> Exercise aim:
Reproduce each of the following records without any deviation.

=== Begin Enclosure ===

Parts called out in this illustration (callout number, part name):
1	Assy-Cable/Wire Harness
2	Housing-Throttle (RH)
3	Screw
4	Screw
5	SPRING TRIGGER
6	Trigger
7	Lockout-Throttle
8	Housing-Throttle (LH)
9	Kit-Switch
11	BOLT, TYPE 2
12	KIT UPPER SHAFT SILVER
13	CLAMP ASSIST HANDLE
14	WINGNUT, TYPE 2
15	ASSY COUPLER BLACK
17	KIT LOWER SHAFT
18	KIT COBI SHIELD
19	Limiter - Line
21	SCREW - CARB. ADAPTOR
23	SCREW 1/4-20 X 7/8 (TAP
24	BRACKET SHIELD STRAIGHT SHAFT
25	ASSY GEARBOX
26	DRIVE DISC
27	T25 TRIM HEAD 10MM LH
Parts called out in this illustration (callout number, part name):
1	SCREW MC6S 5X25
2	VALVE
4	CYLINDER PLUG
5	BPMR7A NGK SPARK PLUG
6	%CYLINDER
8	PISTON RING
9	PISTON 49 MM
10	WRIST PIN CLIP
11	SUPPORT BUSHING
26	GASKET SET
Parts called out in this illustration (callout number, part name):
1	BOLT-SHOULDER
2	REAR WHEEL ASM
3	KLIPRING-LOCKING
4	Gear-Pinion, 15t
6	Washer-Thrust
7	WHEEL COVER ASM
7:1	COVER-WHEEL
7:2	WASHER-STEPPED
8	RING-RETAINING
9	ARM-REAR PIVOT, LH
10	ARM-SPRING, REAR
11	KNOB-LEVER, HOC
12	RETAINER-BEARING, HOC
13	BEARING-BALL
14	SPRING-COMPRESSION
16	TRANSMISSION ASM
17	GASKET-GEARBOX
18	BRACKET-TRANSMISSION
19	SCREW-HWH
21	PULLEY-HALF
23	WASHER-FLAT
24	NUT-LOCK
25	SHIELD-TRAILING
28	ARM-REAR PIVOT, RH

=== End Enclosure ===

> Output for this exercise:
Parts called out in this illustration (callout number, part name):
1	Assy-Cable/Wire Harness
2	Housing-Throttle (RH)
3	Screw
4	Screw
5	SPRING TRIGGER
6	Trigger
7	Lockout-Throttle
8	Housing-Throttle (LH)
9	Kit-Switch
11	BOLT, TYPE 2
12	KIT UPPER SHAFT SILVER
13	CLAMP ASSIST HANDLE
14	WINGNUT, TYPE 2
15	ASSY COUPLER BLACK
17	KIT LOWER SHAFT
18	KIT COBI SHIELD
19	Limiter - Line
21	SCREW - CARB. ADAPTOR
23	SCREW 1/4-20 X 7/8 (TAP
24	BRACKET SHIELD STRAIGHT SHAFT
25	ASSY GEARBOX
26	DRIVE DISC
27	T25 TRIM HEAD 10MM LH
Parts called out in this illustration (callout number, part name):
1	SCREW MC6S 5X25
2	VALVE
4	CYLINDER PLUG
5	BPMR7A NGK SPARK PLUG
6	%CYLINDER
8	PISTON RING
9	PISTON 49 MM
10	WRIST PIN CLIP
11	SUPPORT BUSHING
26	GASKET SET
Parts called out in this illustration (callout number, part name):
1	BOLT-SHOULDER
2	REAR WHEEL ASM
3	KLIPRING-LOCKING
4	Gear-Pinion, 15t
6	Washer-Thrust
7	WHEEL COVER ASM
7:1	COVER-WHEEL
7:2	WASHER-STEPPED
8	RING-RETAINING
9	ARM-REAR PIVOT, LH
10	ARM-SPRING, REAR
11	KNOB-LEVER, HOC
12	RETAINER-BEARING, HOC
13	BEARING-BALL
14	SPRING-COMPRESSION
16	TRANSMISSION ASM
17	GASKET-GEARBOX
18	BRACKET-TRANSMISSION
19	SCREW-HWH
21	PULLEY-HALF
23	WASHER-FLAT
24	NUT-LOCK
25	SHIELD-TRAILING
28	ARM-REAR PIVOT, RH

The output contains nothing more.